Okay, this is weird. So I tried taking Zack outside today to an outside area (outside of the garden) with the leash on. However, first challenge: Walk down the stairs. When I close my door to the apartment, Zack will just sit there. I walk down a few steps, give him a little pull to show him that I'm going down, then he just "squats" down and tries to stop me from moving him. It's as if he was taking a poo but without the poo bit. Seriously, he just sits there and does everything to not go. After getting some treats or my friends dog, he will go down. It's better going up, he has no problems then (but some still occasionally)
.When we go outside, he will follow the friends dog happily, but if I only have a treat he won't even go for it. When I move it up to his nose he'll sniff it, but when I take it away, he'll freeze. I borrowed my friends loose leash that is 5m to give him more room to go on grass.He will walk slowly, but will walk, sometimes just sit and freeze. When I want to give him exercise (a little run) He will either run very very slowly, meaning I end up pulling him, or he will sit down and that ends up with me pulling hiss butt on the ground. What can I do to make him walk himself???? :/


----------



## jae (Jul 17, 2012)

Keep treating and praising whenever he does walk, be fair and don't push him too hard. Patience!! My pup hesitated to walk, as well. He is still very young and getting used to everything, he knows what he has on and this is probably confusing him. Have you tried keeping the leash on inside and walking him around with it? 
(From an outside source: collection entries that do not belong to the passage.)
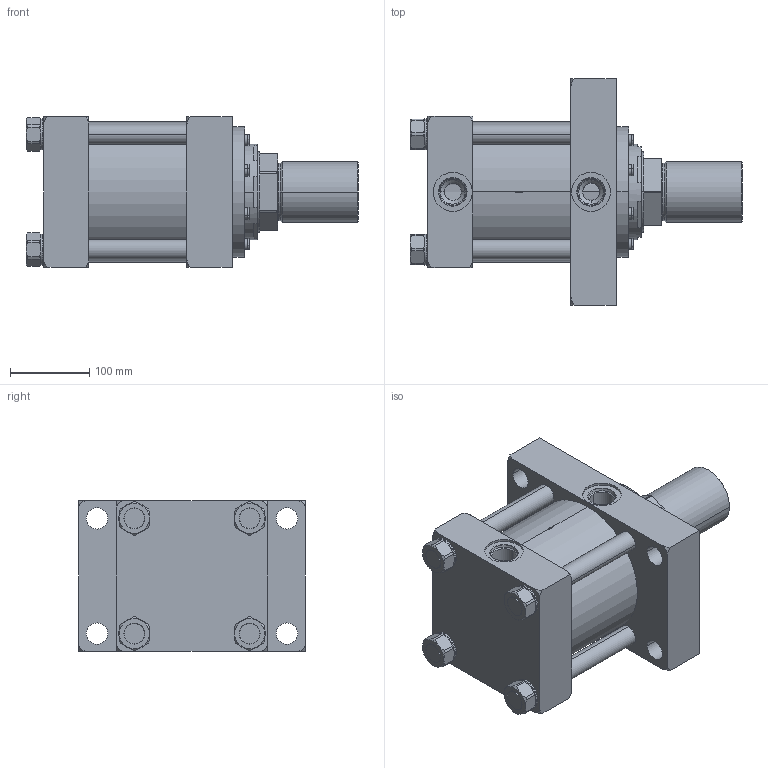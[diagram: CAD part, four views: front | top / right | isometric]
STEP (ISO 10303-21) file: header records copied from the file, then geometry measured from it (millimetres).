
FILE_DESCRIPTION (( 'STEP AP214' ), '1' );
FILE_NAME ('6.00JJ2HHNAT124A2.000.step', '2026-03-26T21:18:45', ( '' ), ( '' ), 'SwSTEP 2.0', 'SolidWorks 2023', '' );
FILE_SCHEMA (( 'AUTOMOTIVE_DESIGN' ));
Length unit declared in the file: inch
Products named in the file (1): 6.00JJ2HHNAT124A2.000
Bounding box: 419.1 x 285.75 x 190.5 mm (x, y, z)
Volume: 8653140.7 mm3; surface area: 883764 mm2
Topology: 40 solids, 40 shells, 1596 faces, 4143 edges, 2638 vertices
Faces by surface type: plane 812, cylinder 513, cone 229, bspline 34, torus 8
Entity records: 73569 total; most frequent: CARTESIAN_POINT 14070, ORIENTED_EDGE 8206, DIRECTION 7873, EDGE_CURVE 4103, AXIS2_PLACEMENT_3D 3033, VERTEX_POINT 2638, LINE 1807, VECTOR 1807
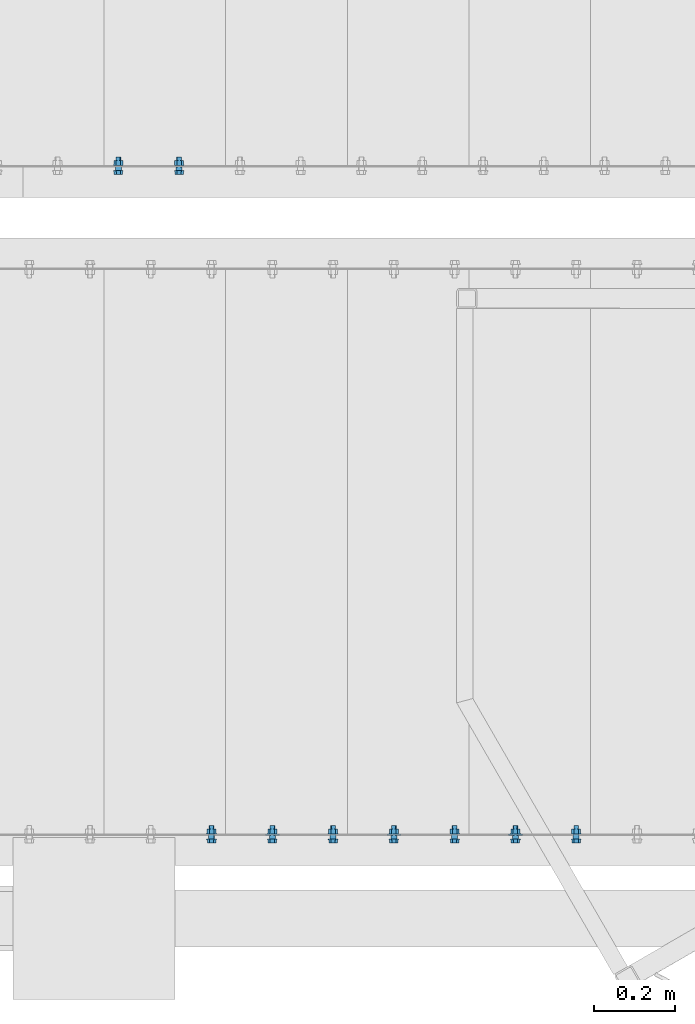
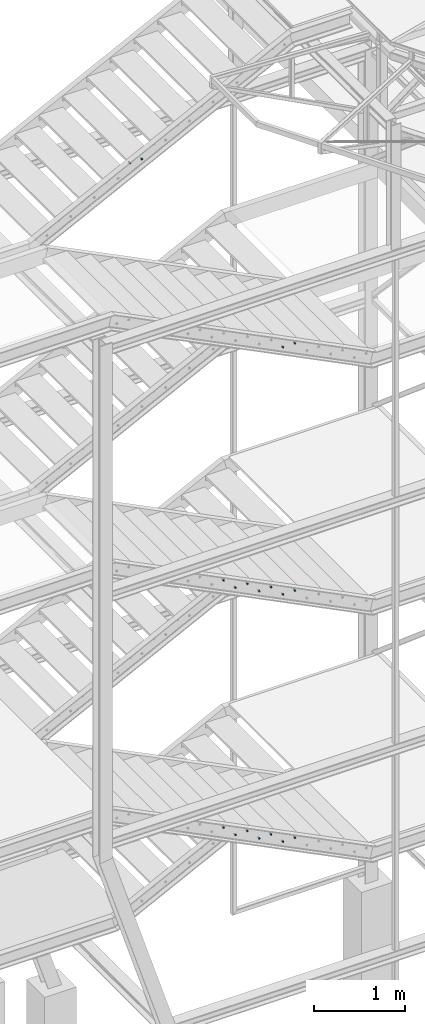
# One storey, part 101 of 132: 18 mechanical fasteners, 10 elements without a shape of their own.
"""IFC2X3 building model written with IfcOpenShell, lengths in millimetres."""

import ifcopenshell
import ifcopenshell.guid

model = None  # the IFC model being written
_history = None  # IfcOwnerHistory: only IFC2X3 demands one
_inside = {}  # id of a spatial element -> (the spatial element, [elements in it])
_under = {}  # id of a project, library or spatial element -> (it, [spatial elements below it])
_declared = {}  # id of a project -> (the project, [libraries it declares])
_typed = {}  # id of a type object -> (the type object, [elements of that type])
_made_of = {}  # id of a material, layer set ... -> (it, [elements and type objects made of it])


def new_model(schema):
    """Start an empty IFC model of exactly this schema.

    Asked for "IFC4X3", IfcOpenShell would pick the latest addendum, in which some entities
    have other attributes; the version numbers below select the first issue.
    IFC2X3 requires an IfcOwnerHistory on every rooted entity: one is made here for all.
    """
    global model, _history
    if schema == "IFC4X3":
        model = ifcopenshell.file(schema_version=(4, 3, 0, 0))
    else:
        model = ifcopenshell.file(schema=schema)
    _inside.clear()
    _under.clear()
    _declared.clear()
    _typed.clear()
    _made_of.clear()
    _history = None
    if model.schema == "IFC2X3":
        org = make("IfcOrganization", Name="unknown")
        user = make(
            "IfcPersonAndOrganization",
            ThePerson=make("IfcPerson", FamilyName="unknown"),
            TheOrganization=org,
        )
        app = make(
            "IfcApplication",
            ApplicationDeveloper=org,
            Version="unknown",
            ApplicationFullName="unknown",
            ApplicationIdentifier="unknown",
        )
        _history = make(
            "IfcOwnerHistory",
            OwningUser=user,
            OwningApplication=app,
            ChangeAction="ADDED",
            CreationDate=0,
        )
    return model


def make(cls, **values):
    """One entity of the class cls with the attributes given. An attribute that is None is left unset."""
    return model.create_entity(
        cls, **{name: value for name, value in values.items() if value is not None}
    )


def rooted(cls, **values):
    """An entity with a GlobalId (a new one), such as an element, a storey or a relation."""
    return make(cls, GlobalId=ifcopenshell.guid.new(), OwnerHistory=_history, **values)


def si_unit(unit_type, name, prefix=None):
    """IfcSIUnit, for example si_unit("LENGTHUNIT", "METRE", prefix="MILLI")."""
    return make("IfcSIUnit", UnitType=unit_type, Prefix=prefix, Name=name)


def assignment(units):
    """IfcUnitAssignment: the units of a project."""
    return None if units is None else make("IfcUnitAssignment", Units=units)


def point(xyz):
    """IfcCartesianPoint."""
    return None if xyz is None else make("IfcCartesianPoint", Coordinates=xyz)


def direction(xyz):
    """IfcDirection."""
    return None if xyz is None else make("IfcDirection", DirectionRatios=xyz)


def frame(location, z_axis=None, x_axis=None):
    """IfcAxis2Placement3D, a coordinate frame: its origin and axes. An axis left out is left unset."""
    return make(
        "IfcAxis2Placement3D",
        Location=point(location),
        Axis=direction(z_axis),
        RefDirection=direction(x_axis),
    )


def frame_2d(location, x_axis=None):
    """IfcAxis2Placement2D, a coordinate frame in the plane: its origin and x axis."""
    return make(
        "IfcAxis2Placement2D", Location=point(location), RefDirection=direction(x_axis)
    )


def origin_with_axes():
    """The frame at (0, 0, 0) with the z axis (0, 0, 1) and the x axis (1, 0, 0) written out."""
    return frame((0.0, 0.0, 0.0), z_axis=(0.0, 0.0, 1.0), x_axis=(1.0, 0.0, 0.0))


def origin_2d_with_axis():
    """The frame at (0, 0) in the plane with the x axis (1, 0) written out."""
    return frame_2d((0.0, 0.0), x_axis=(1.0, 0.0))


def place(relative_to, where):
    """IfcLocalPlacement: puts the frame where relative to a parent placement (None: the world)."""
    return make(
        "IfcLocalPlacement", PlacementRelTo=relative_to, RelativePlacement=where
    )


def context(
    kind, dimensions, precision=None, world=None, true_north=None, identifier=None
):
    """IfcGeometricRepresentationContext, for example the 3D "Model" context."""
    return make(
        "IfcGeometricRepresentationContext",
        ContextIdentifier=identifier,
        ContextType=kind,
        CoordinateSpaceDimension=dimensions,
        Precision=precision,
        WorldCoordinateSystem=world,
        TrueNorth=true_north,
    )


def subcontext(parent, identifier, kind, view, scale=None):
    """IfcGeometricRepresentationSubContext, for example "Body" below "Model"."""
    return make(
        "IfcGeometricRepresentationSubContext",
        ContextIdentifier=identifier,
        ContextType=kind,
        ParentContext=parent,
        TargetScale=scale,
        TargetView=view,
    )


def project(units=None, contexts=None):
    """IfcProject with its units and contexts."""
    return rooted(
        "IfcProject",
        Name="project",
        RepresentationContexts=contexts,
        UnitsInContext=assignment(units),
    )


def spatial(cls, under=None, at=None, **own):
    """A site, building, storey or space (cls), placed at a placement, below another one or the project."""
    s = rooted(cls, ObjectPlacement=at, **own)
    if under is not None:
        _under.setdefault(under.id(), (under, []))[1].append(s)
    return s


def polyline(points):
    """IfcPolyline through the points."""
    return make("IfcPolyline", Points=[point(p) for p in points])


def circle_curve(where, radius):
    """IfcCircle in the frame where."""
    return make("IfcCircle", Position=where, Radius=radius)


def parameter(value):
    """IfcParameterValue: where a trimmed curve begins or ends, as a parameter of its basis curve."""
    return model.create_entity("IfcParameterValue", value)


def trimmed(basis, trim1, trim2, sense, master):
    """IfcTrimmedCurve: the piece of a basis curve between two trims."""
    return make(
        "IfcTrimmedCurve",
        BasisCurve=basis,
        Trim1=trim1,
        Trim2=trim2,
        SenseAgreement=sense,
        MasterRepresentation=master,
    )


def segment(curve, same_sense, transition):
    """IfcCompositeCurveSegment."""
    return make(
        "IfcCompositeCurveSegment",
        Transition=transition,
        SameSense=same_sense,
        ParentCurve=curve,
    )


def composite_curve(segments, self_intersect=None):
    """IfcCompositeCurve: segments joined end to end."""
    return make("IfcCompositeCurve", Segments=segments, SelfIntersect=self_intersect)


def profile(cls, at=None, kind="AREA", **sizes):
    """A parametric profile (cls). Its sizes go by their IFC names, for example OverallWidth=200.0."""
    return make(cls, ProfileType=kind, Position=at, **sizes)


def circle(**sizes):
    """IfcCircleProfileDef."""
    return profile("IfcCircleProfileDef", **sizes)


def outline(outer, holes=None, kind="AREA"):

Keep it short and sweet don't go too far, I will bet you in one or two weeks, he will be walking much nicer. In one month you will see how much further he can walk than you can


----------



## Sunflowers (Feb 17, 2012)

Why is it weird?
Leashes and stairs are man made and unnatural to dogs.
You have a baby. Leash walking and stairs need to be taught. The older dogs you see doing it effortlessly have a lot of experience. Everything you do with a dog is training.


----------



## Jax08 (Feb 13, 2009)

It's not natural for them to have something on their necks. Get a short leash and, WHEN HE IS SUPERVISED, leave it on him and let him drag it. He'll get used to it.

Second, the stairs, you can do this two ways. You can walk him down the stairs, forcing him to take a step, and reward him when he does. Or you can lure him up with treats, clicking and rewarding him. Now....is he large enough to go up and down the steps with no problem? If he's to small then it might be hard for him.


----------



## Speedy2662 (May 27, 2012)

He is okay with stairs, when he wants to he can go faster than me. My dad doesnt let me put a leash on him to carry around at home because "he is ment to know that a leash = a walk"... I seriously was about to facepalm, but I calmed myself.... He goes to work tomorow, so I'll try it then.
The stairs? If I pull him one stair down, he will just freeze. He wears a collar all the time, so he's used to a collar, it's the leash that is a problem. He ignores any kind of treats. I'll try and work on it tomorrow.


Sent from my iPhone using Petguide.com Free App


----------



## Jax08 (Feb 13, 2009)

When your dad leaves, put the leash on him and let him drag it. Just supervise him because he will chew on it.


----------